• _WORK REQUIRED_
In the records below, the line with "building model written" opens the range and the line with "placement = place(None, origin())" closes it; print that range exactly and nothing else.

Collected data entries
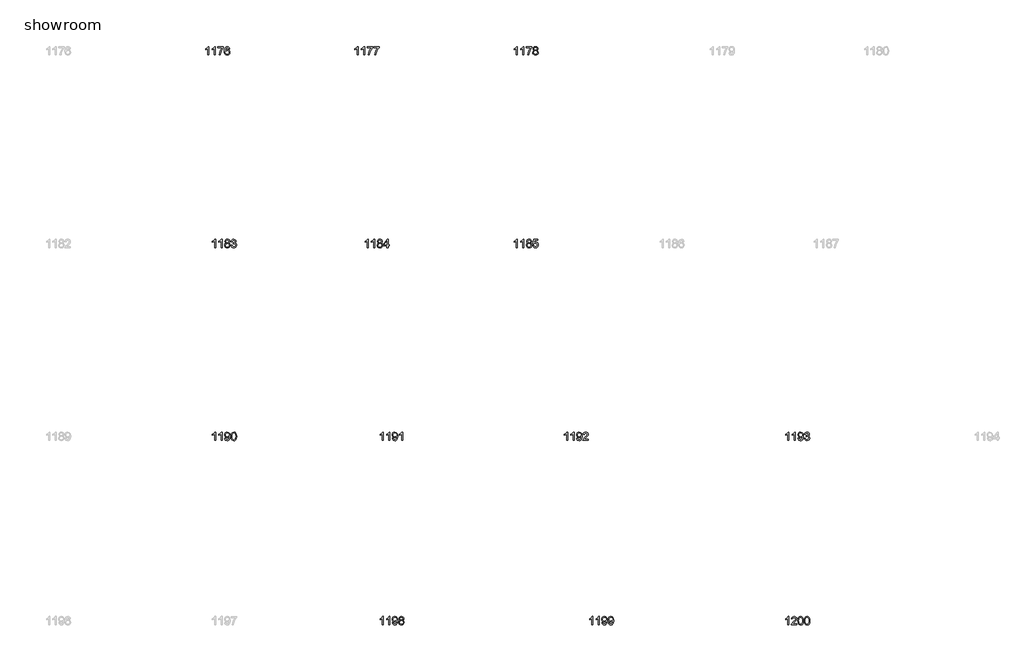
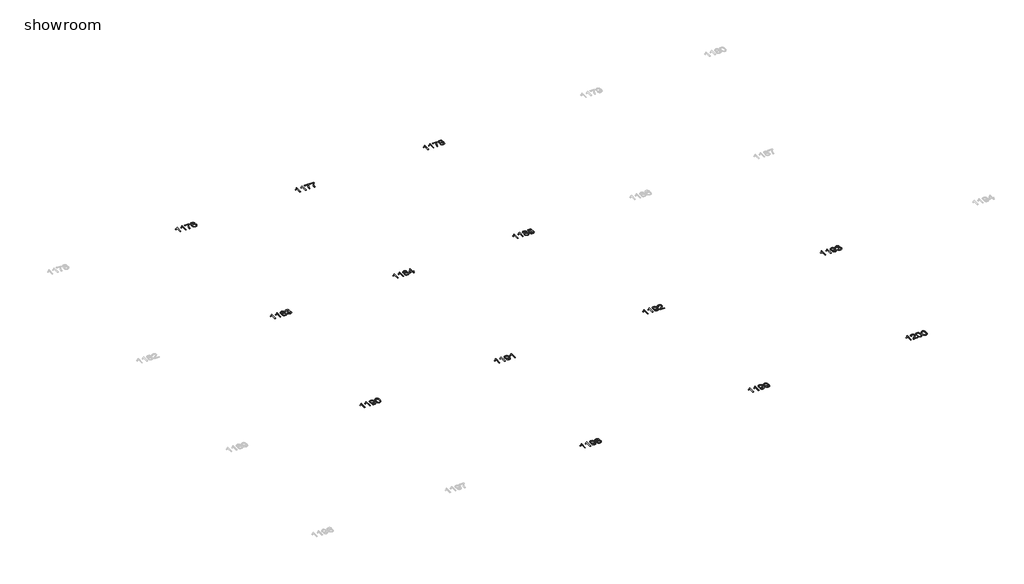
# One storey, part 2 of 5: 13 proxies.
"""IFC4 building model written with IfcOpenShell, lengths in millimetres."""

from ifc_helpers import new_model, si_unit, origin, origin_with_axes, place, context, project, spatial, polyline, outline, extrude, element, save

model = new_model("IFC4")

# Units and contexts
model_context = context("Model", 3, world=origin())
ifc_project = project(units=[si_unit("LENGTHUNIT", "METRE", prefix="MILLI")], contexts=[model_context])

# Site, building, storey
site = spatial("IfcSite", under=ifc_project)
building = spatial("IfcBuilding", under=site)
storey = spatial("IfcBuildingStorey", under=building, Name="showroom", Elevation=0.0)

# Proxies
placement = place(None, origin())
element("IfcBuildingElementProxy", 1, Name="100mm Arial", ObjectType="100mm Arial", at=placement, inside=storey, context=model_context, shape_type="SweptSolid", body=[
    extrude(outline(polyline([(190.3304099, -744.8979193), (177.7733711, -744.8979193), (177.7733711, -666.6126308), (165.8785199, -675.0861794), (152.6592936, -681.4260124), (152.6592936, -669.5556867), (171.0656561, -657.8079883), (182.237006, -644.4416092), (190.3304099, -644.4416092), (190.3304099, -744.8979193)])), origin_with_axes(), (0.0, 0.0, 1.0), 2.0),
    extrude(outline(polyline([(267.2422723, -744.8979193), (254.6852336, -744.8979193), (254.6852336, -666.6126308), (242.7903824, -675.0861794), (229.571156, -681.4260124), (229.571156, -669.5556867), (247.9775185, -657.8079883), (259.1488684, -644.4416092), (267.2422723, -644.4416092), (267.2422723, -744.8979193)])), origin_with_axes(), (0.0, 0.0, 1.0), 2.0),
    extrude(outline(polyline([(297.0652394, -658.5682778), (297.0652394, -646.011239), (362.9896929, -646.011239), (362.9896929, -656.1647821), (344.2890249, -683.1795833), (329.9784152, -717.6010753), (325.3185766, -744.8979193), (312.7615379, -744.8979193), (317.7524703, -716.5710057), (331.4499432, -684.5530094), (350.4326542, -658.5682778), (297.0652394, -658.5682778)])), origin_with_axes(), (0.0, 0.0, 1.0), 2.0),
    extrude(outline(polyline([(438.3319256, -671.1253166), (425.7748868, -672.6949464), (421.0169463, -662.2225723), (408.4353821, -656.9986479), (397.1046166, -660.0398058), (388.5329661, -671.4564104), (384.9645108, -693.8358984), (396.0377588, -683.8172454), (409.7597573, -680.5430956), (421.3603028, -682.7810444), (431.096913, -689.4948909), (437.7003948, -699.7526672), (439.9015554, -712.6224056), (435.7567516, -729.9496476), (424.3524097, -742.2123808), (407.8958218, -746.4675492), (393.6495916, -743.6471205), (382.3034977, -735.1858347), (374.8814784, -720.2498257), (372.407472, -698.0052277), (375.1543243, -672.9953834), (383.3948809, -655.895002), (394.6459386, -647.3049574), (409.220197, -644.4416092), (420.2382628, -646.2135741), (429.0612993, -651.529469), (435.2417168, -659.9723607), (438.3319256, -671.1253166)]), holes=[polyline([(384.9645108, -712.4262019), (387.8707786, -723.3032462), (395.5963005, -731.2004464), (406.9148032, -733.9105104), (415.2013451, -732.5064275), (421.7159221, -728.2941786), (425.937368, -721.6723027), (427.3445166, -713.0393385), (425.9557621, -704.7527966), (421.7894985, -698.4344233), (415.1645569, -694.4337066), (406.3997684, -693.1001344), (391.206242, -698.4344233), (386.5249436, -704.5995124), (384.9645108, -712.4262019)])]), origin_with_axes(), (0.0, 0.0, 1.0), 2.0),
])
element("IfcBuildingElementProxy", 2, Name="100mm Arial", ObjectType="100mm Arial", at=placement, inside=storey, context=model_context, shape_type="SweptSolid", body=[
    extrude(outline(polyline([(1970.3304099, -744.8979193), (1957.7733711, -744.8979193), (1957.7733711, -666.6126308), (1945.8785199, -675.0861794), (1932.6592936, -681.4260124), (1932.6592936, -669.5556867), (1951.0656561, -657.8079883), (1962.237006, -644.4416092), (1970.3304099, -644.4416092), (1970.3304099, -744.8979193)])), origin_with_axes(), (0.0, 0.0, 1.0), 2.0),
    extrude(outline(polyline([(2047.2422723, -744.8979193), (2034.6852336, -744.8979193), (2034.6852336, -666.6126308), (2022.7903824, -675.0861794), (2009.571156, -681.4260124), (2009.571156, -669.5556867), (2027.9775185, -657.8079883), (2039.1488684, -644.4416092), (2047.2422723, -644.4416092), (2047.2422723, -744.8979193)])), origin_with_axes(), (0.0, 0.0, 1.0), 2.0),
    extrude(outline(polyline([(2077.0652394, -658.5682778), (2077.0652394, -646.011239), (2142.9896929, -646.011239), (2142.9896929, -656.1647821), (2124.2890249, -683.1795833), (2109.9784152, -717.6010753), (2105.3185766, -744.8979193), (2092.7615379, -744.8979193), (2097.7524703, -716.5710057), (2111.4499432, -684.5530094), (2130.4326542, -658.5682778), (2077.0652394, -658.5682778)])), origin_with_axes(), (0.0, 0.0, 1.0), 2.0),
    extrude(outline(polyline([(2153.9771019, -658.5682778), (2153.9771019, -646.011239), (2219.9015554, -646.011239), (2219.9015554, -656.1647821), (2201.2008873, -683.1795833), (2186.8902777, -717.6010753), (2182.2304391, -744.8979193), (2169.6734003, -744.8979193), (2174.6643327, -716.5710057), (2188.3618057, -684.5530094), (2207.3445166, -658.5682778), (2153.9771019, -658.5682778)])), origin_with_axes(), (0.0, 0.0, 1.0), 2.0),
])
element("IfcBuildingElementProxy", 3, Name="100mm Arial", ObjectType="100mm Arial", at=placement, inside=storey, context=model_context, shape_type="SweptSolid", body=[
    extrude(outline(polyline([(3870.3304099, -744.8979193), (3857.7733711, -744.8979193), (3857.7733711, -666.6126308), (3845.8785199, -675.0861794), (3832.6592936, -681.4260124), (3832.6592936, -669.5556867), (3851.0656561, -657.8079883), (3862.237006, -644.4416092), (3870.3304099, -644.4416092), (3870.3304099, -744.8979193)])), origin_with_axes(), (0.0, 0.0, 1.0), 2.0),
    extrude(outline(polyline([(3947.2422723, -744.8979193), (3934.6852336, -744.8979193), (3934.6852336, -666.6126308), (3922.7903824, -675.0861794), (3909.571156, -681.4260124), (3909.571156, -669.5556867), (3927.9775185, -657.8079883), (3939.1488684, -644.4416092), (3947.2422723, -644.4416092), (3947.2422723, -744.8979193)])), origin_with_axes(), (0.0, 0.0, 1.0), 2.0),
    extrude(outline(polyline([(3977.0652394, -658.5682778), (3977.0652394, -646.011239), (4042.9896929, -646.011239), (4042.9896929, -656.1647821), (4024.2890249, -683.1795833), (4009.9784152, -717.6010753), (4005.3185766, -744.8979193), (3992.7615379, -744.8979193), (3997.7524703, -716.5710057), (4011.4499432, -684.5530094), (4030.4326542, -658.5682778), (3977.0652394, -658.5682778)])), origin_with_axes(), (0.0, 0.0, 1.0), 2.0),
    extrude(outline(polyline([(4072.2730998, -689.5684673), (4060.8319697, -681.769369), (4057.1163616, -669.6292631), (4059.1397125, -659.8129452), (4065.2097655, -651.7011472), (4074.6459386, -646.2564937), (4086.7676504, -644.4416092), (4098.9629385, -646.2994133), (4108.521739, -651.8728255), (4114.7021565, -660.1133822), (4116.7622957, -669.9726196), (4113.0957385, -681.8061572), (4101.9734395, -689.5684673), (4115.3275559, -699.415442), (4119.9015554, -715.6635634), (4117.6329498, -727.6687792), (4110.8271329, -737.5893304), (4100.3179705, -744.2479945), (4086.9393286, -746.4675492), (4073.5606867, -744.2387974), (4063.0515244, -737.5525422), (4056.2457075, -727.5369548), (4053.9771019, -715.3202069), (4058.7350423, -698.6919407), (4072.2730998, -689.5684673)]), holes=[polyline([(4066.5341406, -714.8787485), (4068.631068, -724.3333158), (4076.0500216, -731.4089128), (4087.0374305, -733.9105104), (4095.5845555, -732.5953323), (4101.997965, -728.6497979), (4107.3445166, -715.271156), (4101.8262867, -701.6349967), (4095.2657245, -697.5882947), (4086.6204976, -696.2393941), (4078.1929342, -697.5699006), (4071.8439041, -701.5614203), (4066.5341406, -714.8787485)]), polyline([(4069.6734003, -669.9971451), (4074.1247725, -679.8563826), (4087.0864814, -683.6823553), (4099.790673, -679.880908), (4104.2052569, -670.5612308), (4099.6435202, -660.9104598), (4086.9393286, -656.9986479), (4074.1983489, -660.8246207), (4069.6734003, -669.9971451)])]), origin_with_axes(), (0.0, 0.0, 1.0), 2.0),
])
element("IfcBuildingElementProxy", 4, Name="100mm Arial", ObjectType="100mm Arial", at=placement, inside=storey, context=model_context, shape_type="SweptSolid", body=[
    extrude(outline(polyline([(270.3304099, -3044.8979193), (257.7733711, -3044.8979193), (257.7733711, -2966.6126308), (245.8785199, -2975.0861794), (232.6592936, -2981.4260124), (232.6592936, -2969.5556867), (251.0656561, -2957.8079883), (262.237006, -2944.4416092), (270.3304099, -2944.4416092), (270.3304099, -3044.8979193)])), origin_with_axes(), (0.0, 0.0, 1.0), 2.0),
    extrude(outline(polyline([(347.2422723, -3044.8979193), (334.6852336, -3044.8979193), (334.6852336, -2966.6126308), (322.7903824, -2975.0861794), (309.571156, -2981.4260124), (309.571156, -2969.5556867), (327.9775185, -2957.8079883), (339.1488684, -2944.4416092), (347.2422723, -2944.4416092), (347.2422723, -3044.8979193)])), origin_with_axes(), (0.0, 0.0, 1.0), 2.0),
    extrude(outline(polyline([(395.3612373, -2989.5684673), (383.9201073, -2981.769369), (380.2044991, -2969.6292631), (382.2278501, -2959.8129452), (388.297903, -2951.7011472), (397.7340762, -2946.2564937), (409.8557879, -2944.4416092), (422.0510761, -2946.2994133), (431.6098766, -2951.8728255), (437.7902941, -2960.1133822), (439.8504333, -2969.9726196), (436.183876, -2981.8061572), (425.061577, -2989.5684673), (438.4156935, -2999.415442), (442.9896929, -3015.6635634), (440.7210873, -3027.6687792), (433.9152704, -3037.5893304), (423.4061081, -3044.2479945), (410.0274662, -3046.4675492), (396.6488243, -3044.2387974), (386.139662, -3037.5525422), (379.333845, -3027.5369548), (377.0652394, -3015.3202069), (381.8231799, -2998.6919407), (395.3612373, -2989.5684673)]), holes=[polyline([(389.6222782, -3014.8787485), (391.7192056, -3024.3333158), (399.1381591, -3031.4089128), (410.125568, -3033.9105104), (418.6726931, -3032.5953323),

• _SOLVED EXERCISE_
"""IFC4 building model written with IfcOpenShell, lengths in millimetres."""

from ifc_helpers import new_model, si_unit, origin, origin_with_axes, place, context, project, spatial, polyline, outline, extrude, element, save

model = new_model("IFC4")

# Units and contexts
model_context = context("Model", 3, world=origin())
ifc_project = project(units=[si_unit("LENGTHUNIT", "METRE", prefix="MILLI")], contexts=[model_context])

# Site, building, storey
site = spatial("IfcSite", under=ifc_project)
building = spatial("IfcBuilding", under=site)
storey = spatial("IfcBuildingStorey", under=building, Name="showroom", Elevation=0.0)

# Proxies
placement = place(None, origin())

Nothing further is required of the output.